BWTest = imDat[Partials[Sequence @@ #]] & /@ Partition[Exploit, 3];
TableForm /@ BWTest;
Flatten[Superpose /@ BWTest]
Mod[MapThread[ImageSubtract, {ExploitIm, Flatten[Superpose /@ BWTest]}], 2]

And in 3D:

These error cases are pretty convincing as to how a conditional could be written to gaurantee correct output. We need that sort of rigor before scheming about multi-million dollar autoglyph-style NFT business, possibly using some extra haskell programs. We definitely don't want multi-million dollar rounding errors!

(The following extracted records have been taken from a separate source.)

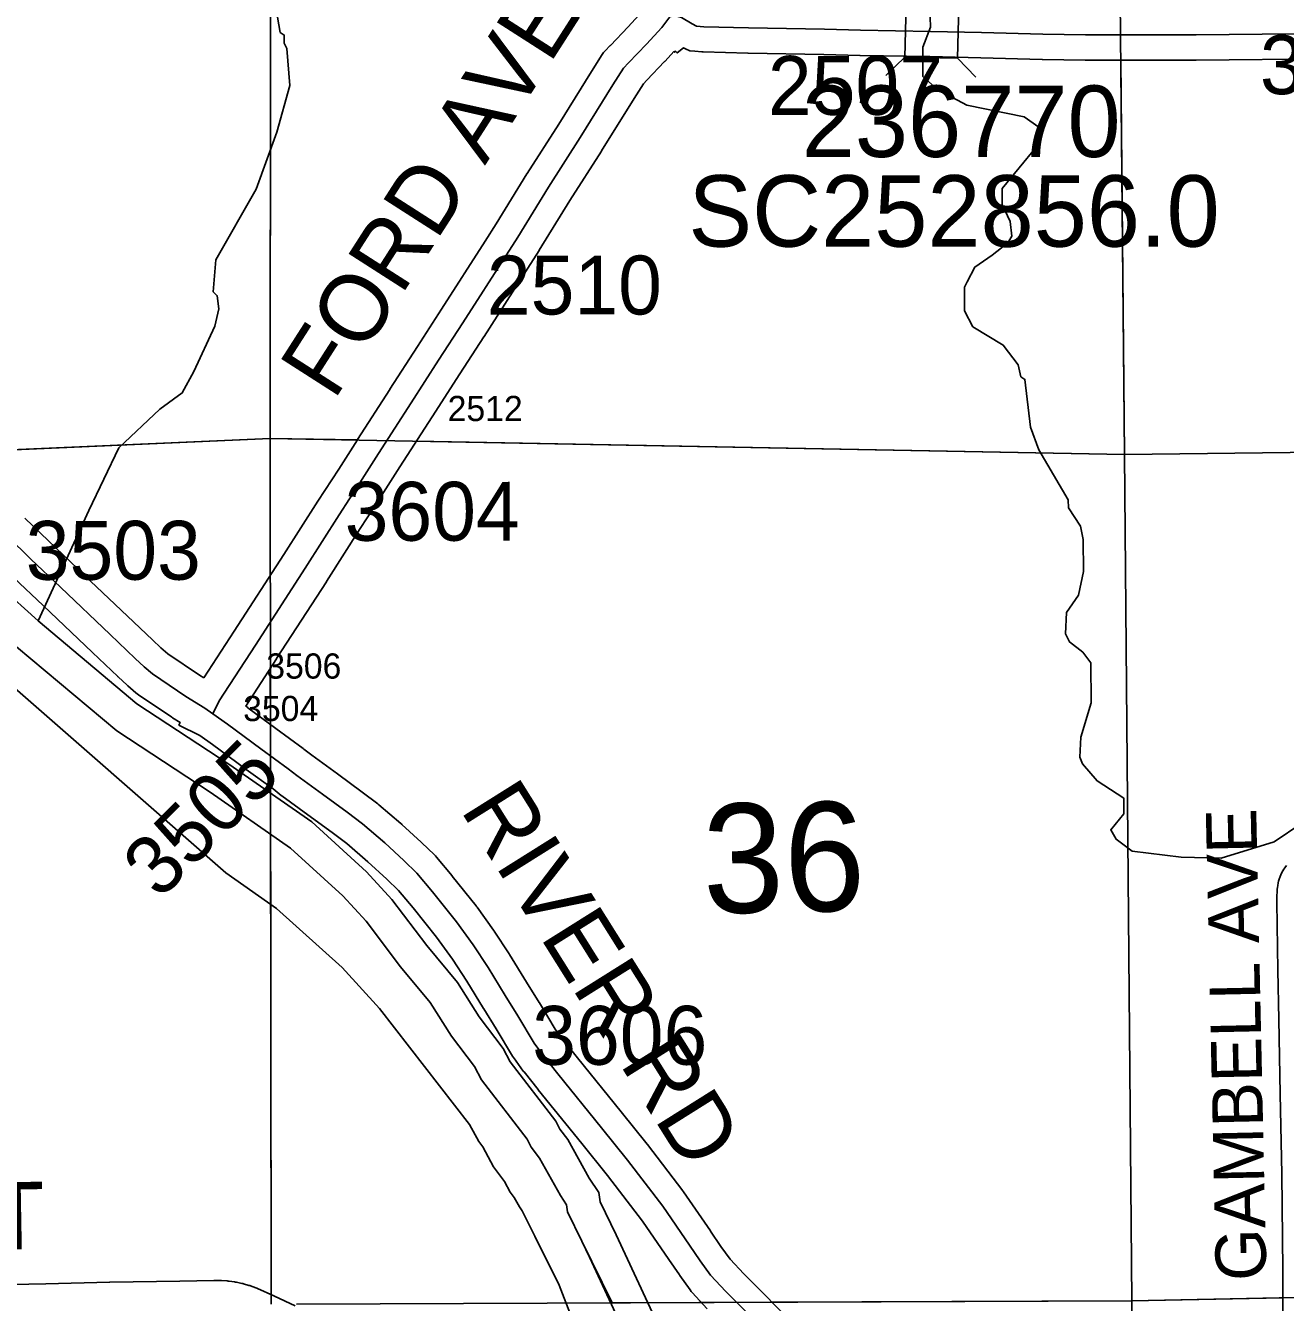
# Model space of a CAD drawing. Extents: x 23.6 to 68.7, y -63 to -29.
# Drawn here: x 37.466 to 38.964, y -51.659 to -50.14 of the extents above; entities that cross this region are included whole.
import ezdxf

# ---------------------------------------------------------------- set-up
doc = ezdxf.new("R2010")
doc.units = 0
for name, color, linetype in [('tdCoHydroRiver', 7, 'Continuous'), ('tdCoSecRdNmbr', 7, 'Continuous'), ('tdCoSecRdTxt', 7, 'Continuous'), ('tdCoSecRteBand', 7, 'Continuous'), ('tdCoSecRteCL', 7, 'Continuous'), ('tdCoSectLine', 7, 'Continuous'), ('tdCoSectLinePart', 7, 'Continuous'), ('tdCoSectNmbr', 7, 'Continuous'), ('tdCoStrucSec', 7, 'Continuous'), ('tdCoStrucSecCoName', 7, 'Continuous'), ('tdCoStrucSecFHWANum', 7, 'Continuous'), ('tdCoSurfGravel', 7, 'Continuous'), ('tdCoTwpBndry', 7, 'Continuous'), ('tdCoTwpBndryShd', 7, 'Continuous')]:
    doc.layers.add(name, color=color, linetype=linetype)

msp = doc.modelspace()

# ---------------------------------------------------------------- linework, layer by layer
at = {"layer": 'tdCoHydroRiver'}
for points in [[(37.7269, -49.8739), (37.7415, -49.9338), (37.7497, -49.9685), (37.7545, -49.9732), (37.761, -50.0015), (37.7619, -50.1089), (37.7685, -50.1483), (37.7733, -50.1514), (37.7734, -50.1609), (37.7766, -50.1672), (37.7801, -50.2113), (37.7647, -50.2667), (37.74, -50.3348), (37.6918, -50.4188), (37.6889, -50.4567), (37.6937, -50.4614), (37.6954, -50.4772), (37.6908, -50.4978), (37.666, -50.5516), (37.652, -50.577), (37.6253, -50.5962), (37.5768, -50.6423), (37.541, -50.7168), (37.4805, -50.8483)], [(38.9836, -51.0888), (38.9507, -51.1111), (38.8877, -51.1306), (38.8403, -51.1294), (38.7819, -51.122), (38.7628, -51.1079), (38.7564, -51.0969), (38.772, -51.0778), (38.7719, -51.0589), (38.7401, -51.0386), (38.7226, -51.0183), (38.7194, -51.0104), (38.7208, -50.9867), (38.7331, -50.9456), (38.7327, -50.8982), (38.7231, -50.8856), (38.7073, -50.8732), (38.7024, -50.8637), (38.7038, -50.8384), (38.7179, -50.8178), (38.7239, -50.7894), (38.7236, -50.7515), (38.7204, -50.7357), (38.706, -50.7137), (38.7059, -50.7043), (38.6707, -50.6446), (38.661, -50.6178), (38.6542, -50.561), (38.6495, -50.5579), (38.6462, -50.5437), (38.6286, -50.5202), (38.5922, -50.4984), (38.5825, -50.4795), (38.5823, -50.4511), (38.5854, -50.4448), (38.5948, -50.4273), (38.6152, -50.413), (38.634, -50.3986), (38.6387, -50.3907), (38.6369, -50.3733), (38.6273, -50.3529), (38.6272, -50.3339), (38.6678, -50.2847), (38.6724, -50.2688), (38.6708, -50.261), (38.6533, -50.2485), (38.5853, -50.2348), (38.5504, -50.2162), (38.533, -50.2005), (38.5327, -50.1658), (38.5419, -50.142), (38.5399, -50.0821)], [(37.4805, -50.8483), (37.436, -50.8076), (37.3105, -50.7092)], [(38.1683, -51.5786), (38.1491, -51.5392), (38.1474, -51.5281), (38.1362, -51.5109), (38.1106, -51.4652), (38.101, -51.4526), (38.0962, -51.4432), (38.042, -51.3726), (38.0339, -51.3569), (38.0052, -51.3192), (37.9796, -51.2784), (37.943, -51.2345), (37.9015, -51.1796), (37.8712, -51.1467), (37.8061, -51.0872), (37.7076, -51.0185), (37.5981, -50.9468), (37.4805, -50.8483)], [(38.0713, -51.5801), (38.0565, -51.5499), (38.0533, -51.5452), (38.0468, -51.534), (38.0419, -51.5277), (38.0354, -51.5149), (38.0224, -51.4975), (38.0096, -51.4739), (38.0048, -51.4676), (37.9936, -51.4472), (37.8868, -51.3091), (37.8422, -51.2606), (37.7643, -51.1902), (37.7039, -51.148), (37.4305, -50.9087), (37.367, -50.8666)], [(38.3124, -51.8286), (38.2852, -51.7861), (38.2757, -51.7783), (38.2693, -51.7642), (38.2533, -51.7422), (38.2309, -51.7029), (38.2229, -51.6887), (38.2165, -51.6824), (38.1683, -51.5786)], [(38.366, -52.0097), (38.3595, -51.9971), (38.326, -51.9625), (38.275, -51.9091), (38.1694, -51.7707), (38.1373, -51.7156), (38.1244, -51.6873), (38.1148, -51.6763), (38.1002, -51.6384), (38.0713, -51.5801)]]:
    msp.add_lwpolyline(points, dxfattribs=at)
at = {"layer": 'tdCoSecRteBand'}
for points in [[(37.6778, -50.9161), (37.7139, -50.8606), (37.7729, -50.7691), (37.8133, -50.7059), (37.8134, -50.7058), (37.8134, -50.7057), (37.8382, -50.6677), (37.8603, -50.6328), (37.8603, -50.6327), (37.8604, -50.6326), (37.8988, -50.5728), (37.8989, -50.5728), (37.8989, -50.5727), (37.9318, -50.5219), (37.9318, -50.5219), (37.9318, -50.5219), (37.9605, -50.4776), (38.0125, -50.3965), (38.0255, -50.3759), (38.0619, -50.3165), (38.0621, -50.3163), (38.0622, -50.316), (38.0999, -50.2572), (38.1388, -50.1949), (38.1389, -50.1948), (38.1389, -50.1947), (38.1516, -50.1747), (38.1531, -50.1722), (38.1551, -50.17), (38.1611, -50.1638), (38.1611, -50.1637), (38.1612, -50.1636), (38.1823, -50.1417), (38.1994, -50.123)], [(39.0154, -50.1796), (38.858, -50.1811), (38.8579, -50.1811), (38.8578, -50.1811), (38.8287, -50.1811), (38.7502, -50.1811), (38.7264, -50.1811), (38.7262, -50.1811), (38.726, -50.1811), (38.6752, -50.1804), (38.675, -50.1804), (38.6747, -50.1804), (38.602, -50.1783), (38.5412, -50.177), (38.4582, -50.1755), (38.4581, -50.1755), (38.4581, -50.1755), (38.4152, -50.1745), (38.325, -50.1729), (38.3249, -50.1729), (38.3248, -50.1729), (38.2717, -50.1714), (38.2709, -50.1714), (38.2702, -50.1713), (38.2615, -50.1707), (38.2556, -50.1702), (38.2504, -50.1676), (38.2483, -50.1666), (38.2405, -50.1726), (38.2387, -50.1704), (38.2377, -50.1718), (38.2367, -50.1711), (38.2264, -50.1824), (38.2261, -50.1827), (38.2258, -50.183), (38.2045, -50.2051), (38.2007, -50.2092), (38.1897, -50.2267), (38.1508, -50.2891), (38.1507, -50.2892), (38.1506, -50.2894), (38.1129, -50.3482), (38.0766, -50.4074), (38.0765, -50.4076), (38.0764, -50.4077), (38.0632, -50.4286), (38.0632, -50.4287), (38.0631, -50.4288), (38.011, -50.51), (38.0109, -50.5101), (38.0109, -50.5102), (37.9821, -50.5545), (37.9493, -50.6053), (37.9109, -50.665), (37.8887, -50.6999), (37.8886, -50.7001), (37.8885, -50.7002), (37.8638, -50.7383), (37.8234, -50.8015), (37.8234, -50.8015), (37.8234, -50.8016), (37.7643, -50.8931), (37.7643, -50.8932), (37.7643, -50.8932), (37.7276, -50.9496), (37.7301, -50.9513), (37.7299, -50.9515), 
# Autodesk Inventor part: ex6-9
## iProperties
Shininess: 64.0
Length Units: 11272
Angle Units: 11279
Time Units: 11290
Mass Units: 11286
Length Display Precision: 3
Angle Display Precision: 2
Compacted: True
Part Number: ex6-9
Document SubType Name: Modeling
Created: 2002-09
Designer: Elise Moss
Density: 0.0
Volumn: 0.0
Area: 0.0
PropertySet Name: Model Information
Control State: 0
Master: False
Checked Out: False
Author: Elise Moss
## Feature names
1. Revolution1
2. Shell1
3. Hole1
4. Loft1
5. Sweep1
6. Coil1
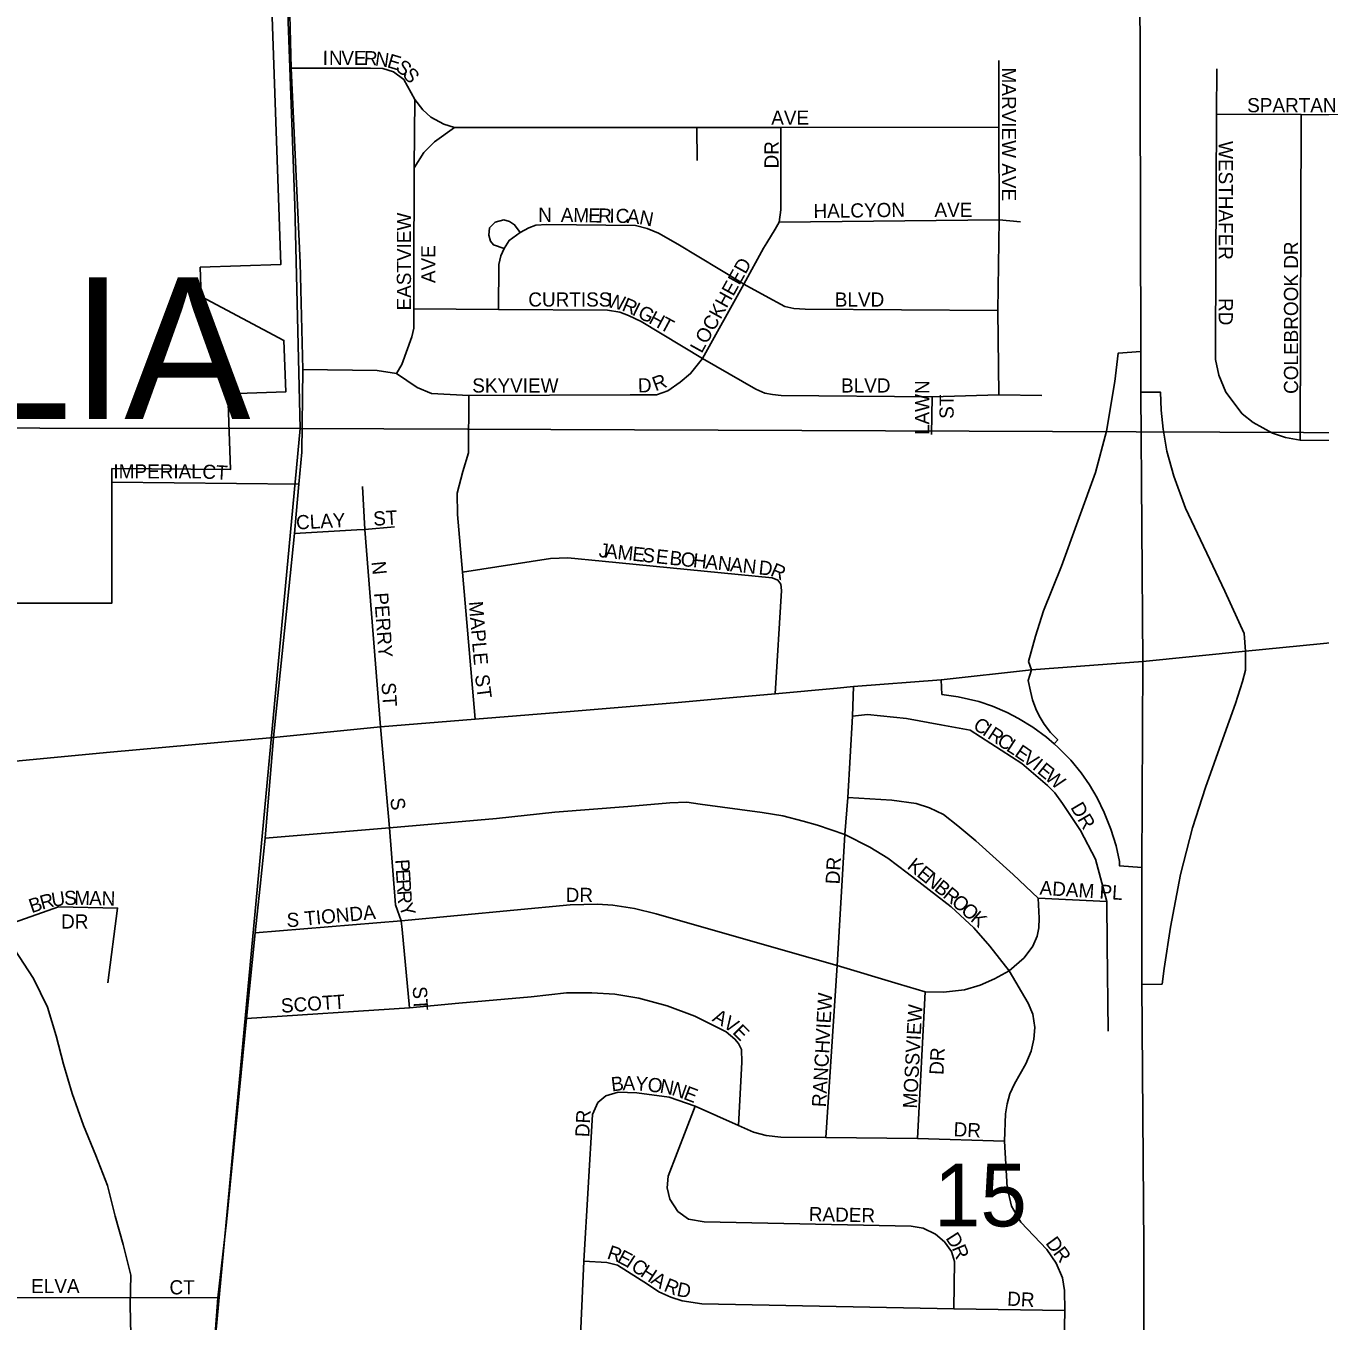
# Model space of a CAD drawing. Extents: x 8.5 to 81.5, y -1.2 to 22.4.
# Drawn here: x 52.1 to 52.966, y 19.27 to 20.137 of the extents above; entities that cross this region are included whole.
import ezdxf

# ---------------------------------------------------------------- set-up
doc = ezdxf.new("R2010")
doc.units = 0
for name, color, linetype in [('GM_X_City_Street', 7, 'Continuous'), ('GM_X_City_Street_Text', 7, 'Continuous'), ('GM_X_Corporation', 7, 'Continuous'), ('GM_X_Corporation_Text', 7, 'Continuous'), ('GM_X_Interchange_Ramps', 7, 'Continuous'), ('GM_X_Interstate_Route', 7, 'Continuous'), ('GM_X_Minor_River', 7, 'Continuous'), ('GM_X_Section', 7, 'Continuous'), ('GM_X_Section_Text', 7, 'Continuous'), ('GM_X_US_Route', 7, 'Continuous')]:
    doc.layers.add(name, color=color, linetype=linetype)

msp = doc.modelspace()

# ---------------------------------------------------------------- linework, layer by layer
at = {"layer": 'GM_X_City_Street'}
for points in [[(52.28009, 20.06027), (52.27792, 20.10848), (52.27666, 20.15295), (52.27021, 20.31076), (52.26776, 20.37063), (52.26394, 20.47178), (52.26008, 20.60622), (52.25396, 20.74399), (52.25341, 20.77262)], [(52.75125, 19.88987), (52.75046, 19.9464), (52.75132, 20.00701), (52.75116, 20.06891), (52.7511, 20.11355)], [(52.27792, 20.10848), (52.32792, 20.10843)], [(52.32792, 20.10843), (52.33089, 20.10843), (52.33922, 20.10817), (52.34624, 20.10609), (52.35312, 20.10076), (52.36053, 20.0875), (52.36587, 20.08061), (52.37119, 20.07567), (52.38003, 20.07099), (52.3872, 20.06868), (52.3981, 20.06865), (52.54928, 20.06865), (52.60544, 20.06865), (52.75116, 20.06891)], [(52.897, 20.10801), (52.89668, 20.07758), (52.89603, 19.92404), (52.89603, 19.9136), (52.89828, 19.903), (52.9031, 19.8916), (52.91402, 19.87715), (52.92133, 19.87128), (52.93426, 19.8643), (52.94293, 19.86133), (52.95272, 19.85947), (53.00227, 19.8594), (53.23711, 19.8591)], [(52.35992, 19.97021), (52.36006, 20.04183), (52.36053, 20.0875)], [(52.89668, 20.07758), (52.95337, 20.07749), (53.01038, 20.07702), (53.06755, 20.07708), (53.25743, 20.07718)], [(52.95272, 19.85947), (52.95337, 20.07749)], [(52.36006, 20.04183), (52.36667, 20.05211), (52.37366, 20.0591), (52.3872, 20.06868)], [(52.54941, 20.04668), (52.54928, 20.06865)], [(52.5959, 19.99151), (52.60164, 20.00076), (52.60422, 20.00537), (52.60537, 20.01361), (52.60544, 20.06865)], [(52.28121, 19.81007), (52.28304, 19.83013), (52.28498, 19.85151), (52.2857, 19.90691), (52.28378, 19.97827), (52.28009, 20.06027)], [(52.42028, 19.98774), (52.41311, 19.99019), (52.41113, 19.9927), (52.41012, 19.99669), (52.41061, 20.00169), (52.4143, 20.00539), (52.42004, 20.00699), (52.42392, 20.00579), (52.42726, 20.00365), (52.43102, 19.99851)], [(52.41653, 19.94699), (52.41674, 19.97712), (52.41809, 19.98285), (52.42028, 19.98774), (52.42372, 19.99316), (52.43102, 19.99851), (52.43683, 20.00169), (52.44141, 20.00336), (52.44891, 20.00388), (52.50826, 20.00315), (52.51596, 20.00128), (52.52356, 19.99805), (52.53637, 19.99076), (52.57857, 19.9653)], [(52.60422, 20.00537), (52.75132, 20.00701), (52.76567, 20.00555)], [(52.55297, 19.91427), (52.58072, 19.964), (52.59369, 19.98796), (52.5959, 19.99151)], [(52.34832, 19.90408), (52.35182, 19.91019), (52.35856, 19.92859), (52.35998, 19.93451), (52.35988, 19.94737), (52.35992, 19.97021)], [(52.57857, 19.9653), (52.58072, 19.964), (52.59478, 19.95609), (52.60808, 19.94903), (52.61415, 19.94765), (52.62165, 19.94724), (52.75046, 19.9464)], [(52.35988, 19.94737), (52.41653, 19.94699), (52.4895, 19.94659), (52.49762, 19.94524), (52.50358, 19.94294), (52.51184, 19.93901), (52.55297, 19.91427), (52.58861, 19.89379), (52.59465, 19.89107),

Now the question of whether RGB face-first projection is equivalent to looking at Black and White Parts, Answer, seems yes, but maybe no. Say that we look along $z$ at either $Z(i,j)X(j,k)$ or $Y(k,i)Z(i,j)$. Chose constant $(i,j)=(a,b)$, if $Z(a,b)$ is set, then we should scan along variable $k$ and find some $Y(k,a)=1$ with $X(b,k)=0$ or some $X(b,k)=1$ with $Y(k,a)=0$, usually. A problem is if $X$ and $Y$ are transpose? Let's try one more test:

(at this point, functionalized test code needed?? )

bitmapSlash =   ReplacePart[
   Total[RotateRight[IdentityMatrix[14], #] & /@ {-1, 0, 1}], {{14, 
      1} -> 0, {1, 14} -> 0}];
Exploit2 = {Exploit[[1]], bitmapSlash, bitmapSlash};
Exploit2Im = Mod[Image[#] + 1, 2] & /@ Exploit2
BWTest = imDat[Partials[Sequence @@ #]] & /@ {Exploit2};
TableForm /@ BWTest
Flatten[Superpose /@ BWTest]
Mod[MapThread[ ImageSubtract, {Exploit2Im, Flatten[Superpose /@ BWTest]}], 2]
RGBResults[Exploit2]

But ah ha! We also need $a=b$ chosen on diagonal, then the slash cut shows up, but it is in the Black / White data as desired. Whew, close call! Similarly if there is a natural absence, it should also occur in the Black / White data before RGB. What we can't predict easily is which correct color will show up where.

A few more counter cases, and the theorem will probably turn out clear as space.